In Part 1 of this series, I discussed the basics involved in securing a few key Windows 2000 areas. In Part 2, I cover the fundamentals of using Active Directory's (AD's) Group Policy to implement basic security features. AD is a huge topic, and I can't cover it all in this article. If you haven't installed or even looked at AD, read Microsoft's online documentation, peruse the information in Win2K Server Help, or pick up a book about AD. AD is important for properly deploying such Win2K security features as Encrypting File System (EFS), public key infrastructure (PKI), and Group Policy. I'll cover EFS and PKI in an upcoming article.

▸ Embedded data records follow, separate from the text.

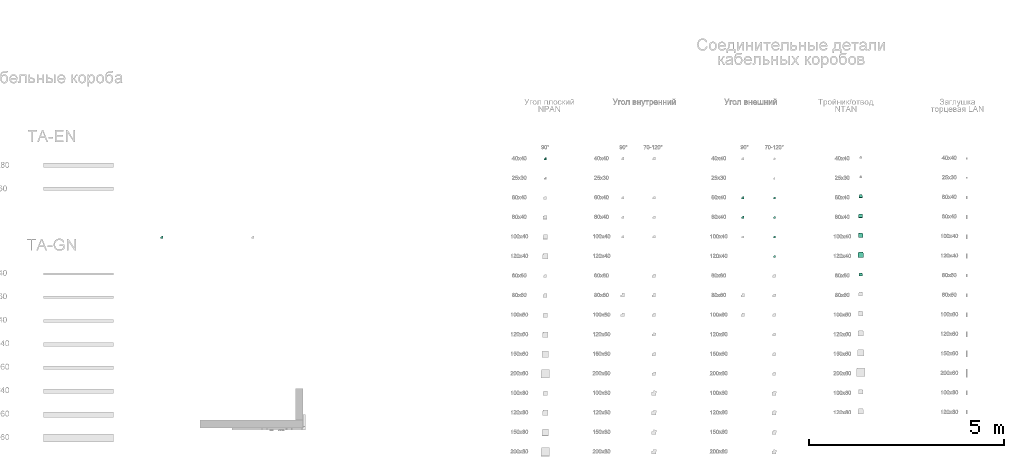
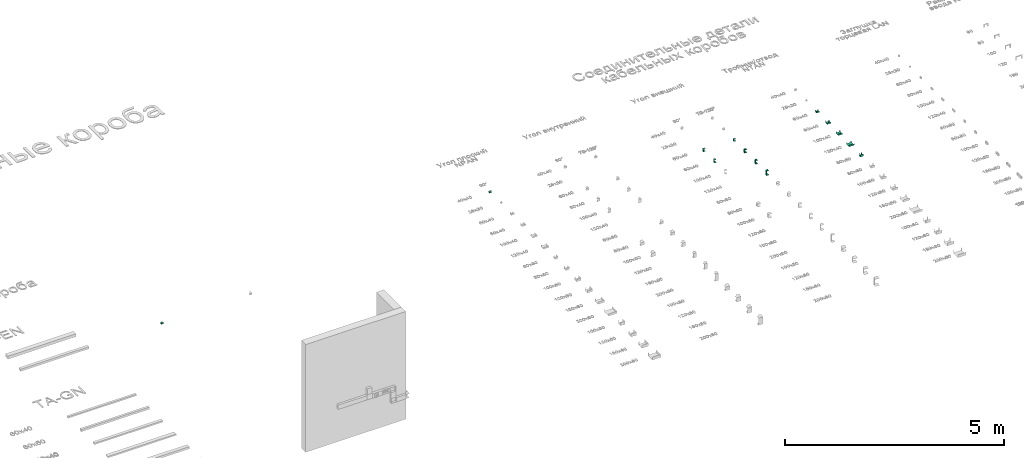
# One storey, part 8 of 71: 13 flow fittings.
"""IFC2X3 building model written with IfcOpenShell, lengths in millimetres."""

from ifc_helpers import new_model, entity, si_unit, converted_unit, derived_unit, direction, frame, origin, place, context, subcontext, project, spatial, faceted_brep, source, transform, mapped, material, type_object, type_shapes, element, save


model = new_model("IFC2X3")

# Units and contexts
model_context = context("Model", 3, precision=0.01, world=origin(), true_north=direction((6.12303176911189e-17, 1.0)))
body_context = subcontext(model_context, "Body", "Model", "MODEL_VIEW")
ifc_project = project(units=[si_unit("LENGTHUNIT", "METRE", prefix="MILLI"), si_unit("AREAUNIT", "SQUARE_METRE"), si_unit("VOLUMEUNIT", "CUBIC_METRE"), converted_unit("PLANEANGLEUNIT", "DEGREE", entity("IfcRatioMeasure", 0.0174532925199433), si_unit("PLANEANGLEUNIT", "RADIAN"), dimensions=[0, 0, 0, 0, 0, 0, 0]), si_unit("MASSUNIT", "GRAM", prefix="KILO"), derived_unit("MASSDENSITYUNIT", [(si_unit("MASSUNIT", "GRAM", prefix="KILO"), 1), (si_unit("LENGTHUNIT", "METRE"), -3)]), si_unit("TIMEUNIT", "SECOND"), si_unit("FREQUENCYUNIT", "HERTZ"), si_unit("THERMODYNAMICTEMPERATUREUNIT", "DEGREE_CELSIUS"), derived_unit("THERMALTRANSMITTANCEUNIT", [(si_unit("MASSUNIT", "GRAM", prefix="KILO"), 1), (si_unit("THERMODYNAMICTEMPERATUREUNIT", "KELVIN"), -1), (si_unit("TIMEUNIT", "SECOND"), -3)]), derived_unit("VOLUMETRICFLOWRATEUNIT", [(si_unit("LENGTHUNIT", "METRE"), 3), (si_unit("TIMEUNIT", "SECOND"), -1)]), si_unit("ELECTRICCURRENTUNIT", "AMPERE"), si_unit("ELECTRICVOLTAGEUNIT", "VOLT"), si_unit("POWERUNIT", "WATT"), si_unit("FORCEUNIT", "NEWTON", prefix="KILO"), si_unit("ILLUMINANCEUNIT", "LUX"), si_unit("LUMINOUSFLUXUNIT", "LUMEN"), si_unit("LUMINOUSINTENSITYUNIT", "CANDELA"), derived_unit("USERDEFINED", [(si_unit("MASSUNIT", "GRAM", prefix="KILO"), -1), (si_unit("LENGTHUNIT", "METRE"), -2), (si_unit("TIMEUNIT", "SECOND"), 3), (si_unit("LUMINOUSFLUXUNIT", "LUMEN"), 1)]), derived_unit("LINEARVELOCITYUNIT", [(si_unit("LENGTHUNIT", "METRE"), 1), (si_unit("TIMEUNIT", "SECOND"), -1)]), si_unit("PRESSUREUNIT", "PASCAL"), derived_unit("USERDEFINED", [(si_unit("LENGTHUNIT", "METRE"), -2), (si_unit("MASSUNIT", "GRAM", prefix="KILO"), 1), (si_unit("TIMEUNIT", "SECOND"), -2)])], contexts=[model_context])

# Site, building, storey
site_placement = place(None, origin())
site = spatial("IfcSite", under=ifc_project, at=site_placement, Name="Default", CompositionType="ELEMENT")
building_placement = place(site_placement, origin())
building = spatial("IfcBuilding", under=site, at=building_placement, Name="Наименование здания", CompositionType="ELEMENT")
storey_placement = place(building_placement, origin())
storey = spatial("IfcBuildingStorey", under=building, at=storey_placement, Name="Этаж 01", CompositionType="ELEMENT", Elevation=0.0)

# Flow fittings
ifc_material = material(Name="DKC_Пластик_Белый")
cable_carrier_fitting_type_1 = type_object("IfcCableCarrierFittingType", Name="Угол плоский NPAN_DKC", PredefinedType="NOTDEFINED", material=ifc_material)
shared_shape_1 = source(origin(), body_context, "Body", "Brep", [
    faceted_brep([(-40.0, 20.0, -20.0), (-40.0, -20.0, -20.0), (-40.0, -20.0, 20.0), (-40.0, -17.4600000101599, 20.0), (-40.0, -17.4600000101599, -17.4600000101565), (-40.0, 17.4600000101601, -17.4600000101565), (-40.0, 17.4600000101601, 20.0), (-40.0, 20.0, 20.0), (-20.0, 20.0, -20.0), (-20.0, 40.0, -20.0), (20.0, 40.0, -20.0), (20.0, -20.0, -20.0), (20.0, -20.0, 20.0), (20.0, 40.0, 20.0), (17.4600000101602, 40.0, 20.0), (17.4600000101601, -17.4600000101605, 20.0), (17.4600000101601, -17.4600000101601, -17.4600000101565), (17.4600000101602, 40.0, -17.4600000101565), (-17.4600000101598, 40.0, -17.4600000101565), (-17.4600000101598, 17.4600000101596, -17.4600000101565), (-17.4600000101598, 17.4600000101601, 20.0), (-17.4600000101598, 40.0, 20.0), (-20.0, 40.0, 20.0), (-20.0, 20.0, 20.0)], [[[0, 1, 2, 3, 4, 5, 6, 7]], [[1, 0, 8, 9, 10, 11]], [[2, 1, 11, 12]], [[3, 2, 12, 13, 14, 15]], [[4, 3, 15, 16]], [[5, 4, 16, 17, 18, 19]], [[6, 5, 19, 20]], [[7, 6, 20, 21, 22, 23]], [[0, 7, 23, 8]], [[9, 22, 21, 18, 17, 14, 13, 10]], [[12, 11, 10, 13]], [[16, 15, 14, 17]], [[20, 19, 18, 21]], [[8, 23, 22, 9]]]),
])
type_shapes(cable_carrier_fitting_type_1, [shared_shape_1])
flow_fitting_1_placement = place(storey_placement, frame((4006.99750514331, 1048.47164981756, 1000.0)))
element("IfcFlowFitting", 1, at=flow_fitting_1_placement, inside=storey, type_object=cable_carrier_fitting_type_1, material=ifc_material, Name="КНС_УголПлоский NPAN_ILC_DKC:Угол плоский NPAN_DKC", ObjectType="Угол плоский NPAN_DKC", context=body_context, shape_type="MappedRepresentation", body=[
    mapped(shared_shape_1, transform((0.0, 0.0, 0.0), scale=1.0)),
])
cable_carrier_fitting_type_2 = type_object("IfcCableCarrierFittingType", Name="Угол плоский NPAN_DKC", PredefinedType="NOTDEFINED", material=ifc_material)
shared_shape_2 = source(origin(), body_context, "Body", "Brep", [
    faceted_brep([(-40.0, 20.0, -20.0), (-40.0, -20.0, -20.0), (-40.0, -20.0, 20.0), (-40.0, -17.4999999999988, 20.0), (-40.0, -17.4999999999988, -17.4999999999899), (-40.0, 17.5000000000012, -17.4999999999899), (-40.0, 17.5000000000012, 20.0), (-40.0, 20.0, 20.0), (-20.0, 20.0, -20.0), (-20.0, 40.0, -20.0), (20.0, 40.0, -20.0), (20.0, -20.0, -20.0), (20.0, -20.0, 20.0), (20.0, 40.0, 20.0), (17.4999999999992, 40.0, 20.0), (17.4999999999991, -17.4999999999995, 20.0), (17.4999999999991, -17.499999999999, -17.4999999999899), (17.4999999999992, 40.0, -17.4999999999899), (-17.5000000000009, 40.0, -17.4999999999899), (-17.5000000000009, 17.5000000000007, -17.4999999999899), (-17.5000000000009, 17.5000000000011, 20.0), (-17.5000000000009, 40.0, 20.0), (-20.0, 40.0, 20.0), (-20.0, 20.0, 20.0)], [[[0, 1, 2, 3, 4, 5, 6, 7]], [[1, 0, 8, 9, 10, 11]], [[2, 1, 11, 12]], [[3, 2, 12, 13, 14, 15]], [[4, 3, 15, 16]], [[5, 4, 16, 17, 18, 19]], [[6, 5, 19, 20]], [[7, 6, 20, 21, 22, 23]], [[0, 7, 23, 8]], [[9, 22, 21, 18, 17, 14, 13, 10]], [[12, 11, 10, 13]], [[16, 15, 14, 17]], [[20, 19, 18, 21]], [[8, 23, 22, 9]]]),
])
type_shapes(cable_carrier_fitting_type_2, [shared_shape_2])
flow_fitting_2_placement = place(storey_placement, frame((13813.1010063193, 3060.7911827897, 0.0)))
element("IfcFlowFitting", 2, at=flow_fitting_2_placement, inside=storey, type_object=cable_carrier_fitting_type_2, material=ifc_material, Name="КНС_УголПлоский NPAN_ILC_DKC:Угол плоский NPAN_DKC", ObjectType="Угол плоский NPAN_DKC", context=body_context, shape_type="MappedRepresentation", body=[
    mapped(shared_shape_2, transform((0.0, 0.0, 0.0), scale=1.0)),
])
cable_carrier_fitting_type_3 = type_object("IfcCableCarrierFittingType", Name="Угол внешний_DKC", PredefinedType="NOTDEFINED", material=ifc_material)
shared_shape_3 = source(origin(), body_context, "Body", "Brep", [
    faceted_brep([(-40.0, 20.0, 30.0), (-40.0, 20.0, -30.0), (-40.0, -20.0, -30.0), (-40.0, -20.0, -27.4999999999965), (-40.0, 17.5000000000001, -27.4999999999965), (-40.0, 17.5000000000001, 27.5000000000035), (-40.0, -20.0, 27.5000000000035), (-40.0, -20.0, 30.0), (-20.0, 40.0, 30.0), (20.0, 40.0, 30.0), (20.0, 40.0, 27.5000000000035), (-17.499999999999, 40.0, 27.5000000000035), (-17.499999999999, 40.0, -27.4999999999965), (20.0, 40.0, -27.4999999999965), (20.0, 40.0, -30.0), (-20.0, 40.0, -30.0), (-20.0, 20.0, 30.0), (-20.0, 20.0, -30.0), (20.0, -20.0, -30.0), (20.0, -20.0, -27.4999999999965), (-17.4999999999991, 17.4999999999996, -27.4999999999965), (-17.4999999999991, 17.5000000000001, 27.5000000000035), (20.0, -20.0, 27.5000000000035), (20.0, -20.0, 30.0)], [[[0, 1, 2, 3, 4, 5, 6, 7]], [[8, 9, 10, 11, 12, 13, 14, 15]], [[1, 0, 16, 17]], [[2, 1, 17, 15, 14, 18]], [[3, 2, 18, 19]], [[4, 3, 19, 13, 12, 20]], [[5, 4, 20, 21]], [[6, 5, 21, 11, 10, 22]], [[7, 6, 22, 23]], [[0, 7, 23, 9, 8, 16]], [[17, 16, 8, 15]], [[19, 18, 14, 13]], [[21, 20, 12, 11]], [[23, 22, 10, 9]]]),
])
type_shapes(cable_carrier_fitting_type_3, [shared_shape_3])
flow_fitting_3_placement = place(storey_placement, frame((18870.2876691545, 2060.7911827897, 0.0)))
element("IfcFlowFitting", 3, at=flow_fitting_3_placement, inside=storey, type_object=cable_carrier_fitting_type_3, material=ifc_material, Name="КНС_УголВнешний_ILC_DKC:Угол внешний_DKC", ObjectType="Угол внешний_DKC", context=body_context, shape_type="MappedRepresentation", body=[
    mapped(shared_shape_3, transform((0.0, 0.0, 0.0), scale=1.0)),
])
cable_carrier_fitting_type_4 = type_object("IfcCableCarrierFittingType", Name="Угол внешний_DKC", PredefinedType="NOTDEFINED", material=ifc_material)
shared_shape_4 = source(origin(), body_context, "Body", "Brep", [
    faceted_brep([(-40.0, 20.0, 40.0), (-40.0, 20.0, -40.0), (-40.0, -20.0, -40.0), (-40.0, -20.0, -37.4999999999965), (-40.0, 17.5000000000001, -37.4999999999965), (-40.0, 17.5000000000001, 37.5000000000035), (-40.0, -20.0, 37.5000000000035), (-40.0, -20.0, 40.0), (-20.0, 40.0, 40.0), (20.0, 40.0, 40.0), (20.0, 40.0, 37.5000000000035), (-17.499999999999, 40.0, 37.5000000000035), (-17.499999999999, 40.0, -37.4999999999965), (20.0, 40.0, -37.4999999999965), (20.0, 40.0, -40.0), (-20.0, 40.0, -40.0), (-20.0, 20.0, 40.0), (-20.0, 20.0, -40.0), (20.0, -20.0, -40.0), (20.0, -20.0, -37.4999999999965), (-17.4999999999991, 17.4999999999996, -37.4999999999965), (-17.4999999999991, 17.5000000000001, 37.5000000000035), (20.0, -20.0, 37.5000000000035), (20.0, -20.0, 40.0)], [[[0, 1, 2, 3, 4, 5, 6, 7]], [[8, 9, 10, 11, 12, 13, 14, 15]], [[1, 0, 16, 17]], [[2, 1, 17, 15, 14, 18]], [[3, 2, 18, 19]], [[4, 3, 19, 13, 12, 20]], [[5, 4, 20, 21]], [[6, 5, 21, 11, 10, 22]], [[7, 6, 22, 23]], [[0, 7, 23, 9, 8, 16]], [[17, 16, 8, 15]], [[19, 18, 14, 13]], [[21, 20, 12, 11]], [[23, 22, 10, 9]]]),
])
type_shapes(cable_carrier_fitting_type_4, [shared_shape_4])
flow_fitting_4_placement = place(storey_placement, frame((18870.2876691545, 1560.7911827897, 0.0)))
element("IfcFlowFitting", 4, at=flow_fitting_4_placement, inside=storey, type_object=cable_carrier_fitting_type_4, material=ifc_material, Name="КНС_УголВнешний_ILC_DKC:Угол внешний_DKC", ObjectType="Угол внешний_DKC", context=body_context, shape_type="MappedRepresentation", body=[
    mapped(shared_shape_4, transform((0.0, 0.0, 0.0), scale=1.0)),
])
cable_carrier_fitting_type_5 = type_object("IfcCableCarrierFittingType", Name="Угол внешний_DKC", PredefinedType="NOTDEFINED", material=ifc_material)
shared_shape_5 = source(origin(), body_context, "Body", "Brep", [
    faceted_brep([(-33.5639852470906, 20.0, 30.0), (-33.5639852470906, 20.0, -30.0), (-33.5639852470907, -20.0, -30.0), (-33.5639852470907, -20.0, -27.4999999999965), (-33.5639852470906, 17.5000000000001, -27.4999999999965), (-33.5639852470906, 17.5000000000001, 27.5000000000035), (-33.5639852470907, -20.0, 27.5000000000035), (-33.5639852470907, -20.0, 30.0), (-13.8678301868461, 36.5270364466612, 30.0), (25.5244799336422, 29.581109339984, 30.0), (25.5244799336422, 29.581109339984, 27.5000000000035), (-11.4058108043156, 36.0929160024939, 27.5000000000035), (-11.4058108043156, 36.0929160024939, -27.4999999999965), (25.5244799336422, 29.581109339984, -27.4999999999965), (25.5244799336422, 29.581109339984, -30.0), (-13.8678301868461, 36.5270364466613, -30.0), (-16.7819926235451, 20.0, 30.0), (-16.7819926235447, 20.0, -30.0), (16.7819926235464, -20.0, -30.0), (16.7819926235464, -20.0, -27.4999999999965), (-14.6842435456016, 17.4999999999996, -27.4999999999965), (-14.6842435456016, 17.5000000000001, 27.5000000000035), (16.7819926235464, -20.0, 27.5000000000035), (16.7819926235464, -20.0, 30.0)], [[[0, 1, 2, 3, 4, 5, 6, 7]], [[8, 9, 10, 11, 12, 13, 14, 15]], [[1, 0, 16, 17]], [[2, 1, 17, 15, 14, 18]], [[3, 2, 18, 19]], [[4, 3, 19, 13, 12, 20]], [[5, 4, 20, 21]], [[6, 5, 21, 11, 10, 22]], [[7, 6, 22, 23]], [[0, 7, 23, 9, 8, 16]], [[17, 16, 8, 15]], [[19, 18, 14, 13]], [[21, 20, 12, 11]], [[23, 22, 10, 9]]]),
])
type_shapes(cable_carrier_fitting_type_5, [shared_shape_5])
flow_fitting_5_placement = place(storey_placement, frame((19670.2876691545, 2060.7911827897, 0.0)))
element("IfcFlowFitting", 5, at=flow_fitting_5_placement, inside=storey, type_object=cable_carrier_fitting_type_5, material=ifc_material, Name="КНС_УголВнешний_ILC_DKC:Угол внешний_DKC", ObjectType="Угол внешний_DKC", context=body_context, shape_type="MappedRepresentation", body=[
    mapped(shared_shape_5, transform((0.0, 0.0, 0.0), scale=1.0)),
])
cable_carrier_fitting_type_6 = type_object("IfcCableCarrierFittingType", Name="Угол внешний_DKC", PredefinedType="NOTDEFINED", material=ifc_material)
shared_shape_6 = source(origin(), body_context, "Body", "Brep", [
    faceted_brep([(-33.5639852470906, 20.0, 40.0), (-33.5639852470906, 20.0, -40.0), (-33.5639852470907, -20.0, -40.0), (-33.5639852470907, -20.0, -37.4999999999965), (-33.5639852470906, 17.5000000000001, -37.4999999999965), (-33.5639852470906, 17.5000000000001, 37.5000000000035), (-33.5639852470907, -20.0, 37.5000000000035), (-33.5639852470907, -20.0, 40.0), (-13.8678301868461, 36.5270364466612, 40.0), (25.5244799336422, 29.581109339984, 40.0), (25.5244799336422, 29.581109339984, 37.5000000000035), (-11.4058108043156, 36.0929160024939, 37.5000000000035), (-11.4058108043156, 36.0929160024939, -37.4999999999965), (25.5244799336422, 29.581109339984, -37.4999999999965), (25.5244799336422, 29.581109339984, -40.0), (-13.8678301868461, 36.5270364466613, -40.0), (-16.7819926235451, 20.0, 40.0), (-16.7819926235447, 20.0, -40.0), (16.7819926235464, -20.0, -40.0), (16.7819926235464, -20.0, -37.4999999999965), (-14.6842435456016, 17.4999999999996, -37.4999999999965), (-14.6842435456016, 17.5000000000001, 37.5000000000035), (16.7819926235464, -20.0, 37.5000000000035), (16.7819926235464, -20.0, 40.0)], [[[0, 1, 2, 3, 4, 5, 6, 7]], [[8, 9, 10, 11, 12, 13, 14, 15]], [[1, 0, 16, 17]], [[2, 1, 17, 15, 14, 18]], [[3, 2, 18, 19]], [[4, 3, 19, 13, 12, 20]], [[5, 4, 20, 21]], [[6, 5, 21, 11, 10, 22]], [[7, 6, 22, 23]], [[0, 7, 23, 9, 8, 16]], [[17, 16, 8, 15]], [[19, 18, 14, 13]], [[21, 20, 12, 11]], [[23, 22, 10, 9]]]),
])
type_shapes(cable_carrier_fitting_type_6, [shared_shape_6])
flow_fitting_6_placement = place(storey_placement, frame((19670.2876691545, 1560.7911827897, 0.0)))
element("IfcFlowFitting", 6, at=flow_fitting_6_placement, inside=storey, type_object=cable_carrier_fitting_type_6, material=ifc_material, Name="КНС_УголВнешний_ILC_DKC:Угол внешний_DKC", ObjectType="Угол внешний_DKC", context=body_context, shape_type="MappedRepresentation", body=[
    mapped(shared_shape_6, transform((0.0, 0.0, 0.0), scale=1.0)),
])
cable_carrier_fitting_type_7 = type_object("IfcCableCarrierFittingType", Name="Угол внешний_DKC", PredefinedType="NOTDEFINED", material=ifc_material)
shared_shape_7 = source(origin(), body_context, "Body", "Brep", [
    faceted_brep([(-33.5639852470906, 20.0, 50.0), (-33.5639852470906, 20.0, -50.0), (-33.5639852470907, -20.0, -50.0), (-33.5639852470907, -20.0, -47.4999999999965), (-33.5639852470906, 17.5000000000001, -47.4999999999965), (-33.5639852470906, 17.5000000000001, 47.5000000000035), (-33.5639852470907, -20.0, 47.5000000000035), (-33.5639852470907, -20.0, 50.0), (-13.8678301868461, 36.5270364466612, 50.0), (25.5244799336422, 29.581109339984, 50.0), (25.5244799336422, 29.581109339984, 47.5000000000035), (-11.4058108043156, 36.0929160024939, 47.5000000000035), (-11.4058108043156, 36.0929160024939, -47.4999999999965), (25.5244799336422, 29.581109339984, -47.4999999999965), (25.5244799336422, 29.581109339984, -50.0), (-13.8678301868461, 36.5270364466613, -50.0), (-16.7819926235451, 20.0, 50.0), (-16.7819926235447, 20.0, -50.0), (16.7819926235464, -20.0, -50.0), (16.7819926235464, -20.0, -47.4999999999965), (-14.6842435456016, 17.4999999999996, -47.4999999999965), (-14.6842435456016, 17.5000000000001, 47.5000000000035), (16.7819926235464, -20.0, 47.5000000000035), (16.7819926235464, -20.0, 50.0)], [[[0, 1, 2, 3, 4, 5, 6, 7]], [[8, 9, 10, 11, 12, 13, 14, 15]], [[1, 0, 16, 17]], [[2, 1, 17, 15, 14, 18]], [[3, 2, 18, 19]], [[4, 3, 19, 13, 12, 20]], [[5, 4, 20, 21]], [[6, 5, 21, 11, 10, 22]], [[7, 6, 22, 23]], [[0, 7, 23, 9, 8, 16]], [[17, 16, 8, 15]], [[19, 18, 14, 13]], [[21, 20, 12, 11]], [[23, 22, 10, 9]]]),
])
type_shapes(cable_carrier_fitting_type_7, [shared_shape_7])
flow_fitting_7_placement = place(storey_placement, frame((19670.2876691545, 1060.7911827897, 0.0)))
element("IfcFlowFitting", 7, at=flow_fitting_7_placement, inside=storey, type_object=cable_carrier_fitting_type_7, material=ifc_material, Name="КНС_УголВнешний_ILC_DKC:Угол внешний_DKC", ObjectType="Угол внешний_DKC", context=body_context, shape_type="MappedRepresentation", body=[
    mapped(shared_shape_7, transform((0.0, 0.0, 0.0), scale=1.0)),
])
cable_carrier_fitting_type_8 = type_object("IfcCableCarrierFittingType", Name="Угол внешний_DKC", PredefinedType="NOTDEFINED", material=ifc_material)
shared_shape_8 = source(origin(), body_context, "Body", "Brep", [
    faceted_brep([(-33.5639852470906, 20.0, 60.0), (-33.5639852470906, 20.0, -60.0), (-33.5639852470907, -20.0, -60.0), (-33.5639852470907, -20.0, -57.4999999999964), (-33.5639852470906, 17.5000000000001, -57.4999999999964), (-33.5639852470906, 17.5000000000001, 57.5000000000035), (-33.5639852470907, -20.0, 57.5000000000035), (-33.5639852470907, -20.0, 60.0), (-13.8678301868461, 36.5270364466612, 60.0), (25.5244799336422, 29.581109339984, 60.0), (25.5244799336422, 29.581109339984, 57.5000000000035), (-11.4058108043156, 36.0929160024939, 57.5000000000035), (-11.4058108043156, 36.0929160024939, -57.4999999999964), (25.5244799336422, 29.581109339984, -57.4999999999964), (25.5244799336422, 29.581109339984, -60.0), (-13.8678301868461, 36.5270364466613, -60.0), (-16.7819926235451, 20.0, 60.0), (-16.7819926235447, 20.0, -60.0), (16.7819926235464, -20.0, -60.0), (16.7819926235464, -20.0, -57.4999999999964), (-14.6842435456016, 17.4999999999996, -57.4999999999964), (-14.6842435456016, 17.5000000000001, 57.5000000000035), (16.7819926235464, -20.0, 57.5000000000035), (16.7819926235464, -20.0, 60.0)], [[[0, 1, 2, 3, 4, 5, 6, 7]], [[8, 9, 10, 11, 12, 13, 14, 15]], [[1, 0, 16, 17]], [[2, 1, 17, 15, 14, 18]], [[3, 2, 18, 19]], [[4, 3, 19, 13, 12, 20]], [[5, 4, 20, 21]], [[6, 5, 21, 11, 10, 22]], [[7, 6, 22, 23]], [[0, 7, 23, 9, 8, 16]], [[17, 16, 8, 15]], [[19, 18, 14, 13]], [[21, 20, 12, 11]], [[23, 22, 10, 9]]]),
])
type_shapes(cable_carrier_fitting_type_8, [shared_shape_8])
flow_fitting_8_placement = place(storey_placement, frame((19670.2876691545, 560.791182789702, 0.0)))
element("IfcFlowFitting", 8, at=flow_fitting_8_placement, inside=storey, type_object=cable_carrier_fitting_type_8, material=ifc_material, Name="КНС_УголВнешний_ILC_DKC:Угол внешний_DKC", ObjectType="Угол внешний_DKC", context=body_context, shape_type="MappedRepresentation", body=[
    mapped(shared_shape_8, transform((0.0, 0.0, 0.0), scale=1.0)),
])
cable_carrier_fitting_type_9 = type_object("IfcCableCarrierFittingType", Name="Тройник/отвод", PredefinedType="NOTDEFINED", material=ifc_material)
shared_shape_9 = source(origin(), body_context, "Body", "Brep", [
    faceted_brep([(40.0, -27.4999999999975, -17.4999999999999), (40.0, 27.5000000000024, -17.4999999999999), (27.4999999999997, 27.5000000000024, -17.4999999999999), (27.4999999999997, 50.0, -17.4999999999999), (-27.4999999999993, 50.0, -17.5000000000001), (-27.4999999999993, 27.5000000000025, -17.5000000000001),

AD provides a more convenient way to manage your domain than Windows NT's primary and secondary domain management, which in large organizations, can be troublesome and time consuming. To install AD on a Win2K Server machine, click Start, Programs, Administrative Tools, Configure Your Server. Then, select Active Directory from the choices on the left. Follow the wizard steps, and in about 30 minutes to 1 hour, you'll have AD installed and ready to use. Now, let's look at Group Policy and the considerations involved in implementing this important AD feature.
Group Policy—AD Cornerstone
Group Policy is an important part of AD and Win2K security. With Group Policy, you can implement many of the same security features that I covered in Part 1, including the options in Local Security Policy, but you can implement these features for users and systems across the entire domain from a single point. In NT, you must manage all these security options on each system separately. Quite often, the task becomes so time-consuming that many administrators give up or apply the security to only the most important systems or accounts.
To get started with Group Policy, on a domain controller (DC), open the Microsoft Management Console (MMC) Active Directory Users and Computers snap-in (click Start, Programs, Administrative Tools, then select Active Directory Users and Computers), which Figure 1, page 2, shows. In the window's left pane is a list of folders for built-in user accounts, computers that are members of the domain, DCs, foreign security principals, and users. Right-click the domain or the organizational unit (OU) that you want to manage, then select Properties. The Properties dialog box, which Figure 2, page 2, shows, has three tabs: General, Managed By (which lets you document a resource group's business owner), and Group Policy. Click the Group Policy tab to see a list of the policies that exist on the domain or OU you selected. The default policy that shows up the first time you click the Group Policy tab is Default Domain Policy. You can edit, add, delete, or view the policies' properties. You can click Options to see choices for disabling the policy in this domain or OU and for setting the policy so that another, higher policy can't override it. The windows that pop up when you go through these option menus can be daunting, and some windows look the same as those in other areas but don't have the same options. Look through the menus and get oriented before making any changes.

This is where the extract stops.